Before starting the first rhythm, set up basic playing posture as follows:
- Form a bowhold and put the violin on the shoulder;
- Place the left hand on the body of the violin, with straight wrist and curved fingers;
- Place the bow on the E string at the lower bow mark, about a finger’s width away from the bridge – the clear tone zone;
- Check that the bow is at a right angle to the string. Relax the right shoulder and arm. The elbow is below the level of the bowhold.
At these early lessons I teach the parent all these same skills – on their child’s little violin if they don’t have a full size one. To teach and practise at home, they must be able to do it correctly.
Rhythm One (Busy busy stop, stop):
I always model the rhythm first for the student by physically moving their bow on the string whilst they are in playing position. It gives them the direct experience of the rhythm played correctly and the motion of the bowing arm and elbow. One rhythm by me, one by the student – making positive comments. The last two strokes (stop, stop) must stop on the string – shown in the score by the staccato dots.
Leave the bow on the string between rhythms. At this stage the sound should be strong rather than too light or feathery ‐ and can be on the crunchy side. Then as the student begins to produce a correct rhythm and maintain good posture, I move over to my violin for the student to copy the sound. We repeat it many times, checking length of strokes, position of the bow on the string, clear stops and good relaxed bow hold.
Rhythm Two (ka‐ta, yo‐ka‐ta or pop-corn and can-dy):
This rhythm is slower and easier, but can’t be broken up into neat segments like the others. I ask students to play along with me right from the start – in an unbroken line, stopping each stroke on the string. This is the first rhythm that students can play in time with the recording – many at their first attempt.

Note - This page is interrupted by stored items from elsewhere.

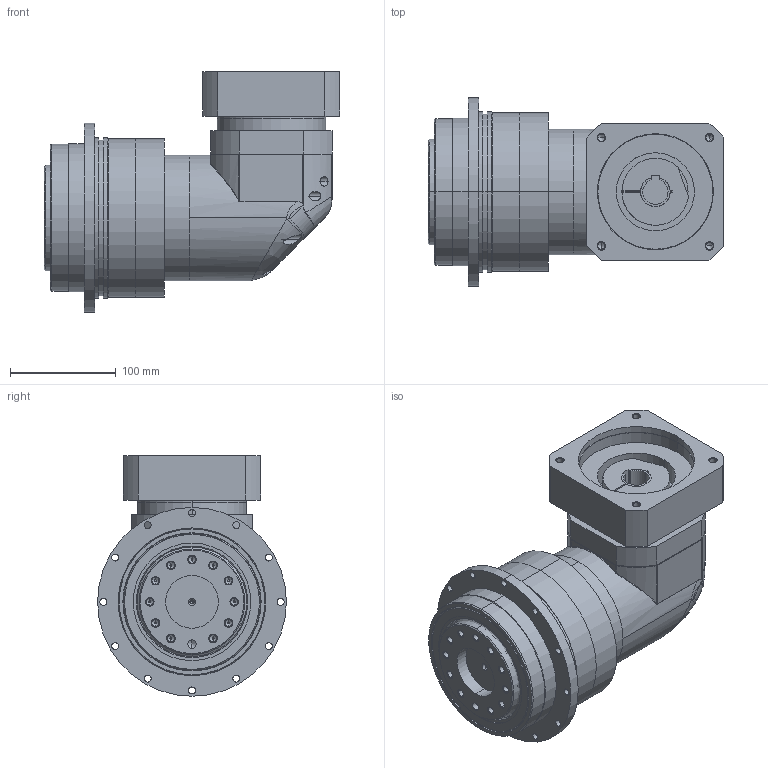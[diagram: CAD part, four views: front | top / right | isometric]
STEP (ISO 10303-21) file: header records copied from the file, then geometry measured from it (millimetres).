
FILE_DESCRIPTION (( 'STEP AP203' ), '1' );
FILE_NAME ('ADR140-L2-24-110-145-M8（入力带键槽）.STEP', '2024-05-08T06:55:34', ( '' ), ( '' ), 'SwSTEP 2.0', 'SolidWorks 2015', '' );
FILE_SCHEMA (( 'CONFIG_CONTROL_DESIGN' ));
Length unit declared in the file: millimetre
Products named in the file (1): ADR140-L2-24-110-145-M8（入力带键槽）
Bounding box: 280.5 x 179 x 228 mm (x, y, z)
Volume: 3776044.8 mm3; surface area: 444283.3 mm2
Topology: 9 solids, 10 shells, 565 faces, 1345 edges, 809 vertices
Faces by surface type: cylinder 223, cone 150, plane 98, bspline 88, torus 6
Entity records: 25176 total; most frequent: CARTESIAN_POINT 12593, ORIENTED_EDGE 2622, DIRECTION 2516, EDGE_CURVE 1311, AXIS2_PLACEMENT_3D 1022, VERTEX_POINT 809, EDGE_LOOP 682, FACE_OUTER_BOUND 565

Rhythm Three (snap crackle, snap crackle):
I teach this one in segments, stopping the bows on the quavers. It can be a little harder to get than the others because of the staccato notes – one is up, the other down.
Rhythm Four (timothy timothy):
The Timothy variation is based on triplets. It’s missing in some editions of Book 1, I don’t know why – even the youngest students learn it easily. A slight emphasis on the first note of each triplet helps them to feel the beat.
Rhythm Five (caterpillar caterpillar or semiquaver semiquaver):
This easy rhythm can be played while focussing on correct basic posture and bow hold. Upbows and downbows should sound the same. I don’t worry too much about accents at this stage.
Obviously, there’s heaps more to learn about bowing. Although left hand technique rightly gets a lot of attention by violinists and teachers, the bow arm controls most of the musical and expressive side – such as shape, colour, dynamics, character, style, articulation and the quality of sound.
At this early stage, I focus on maintaining nice posture, good bowing arm motion and clear rhythms.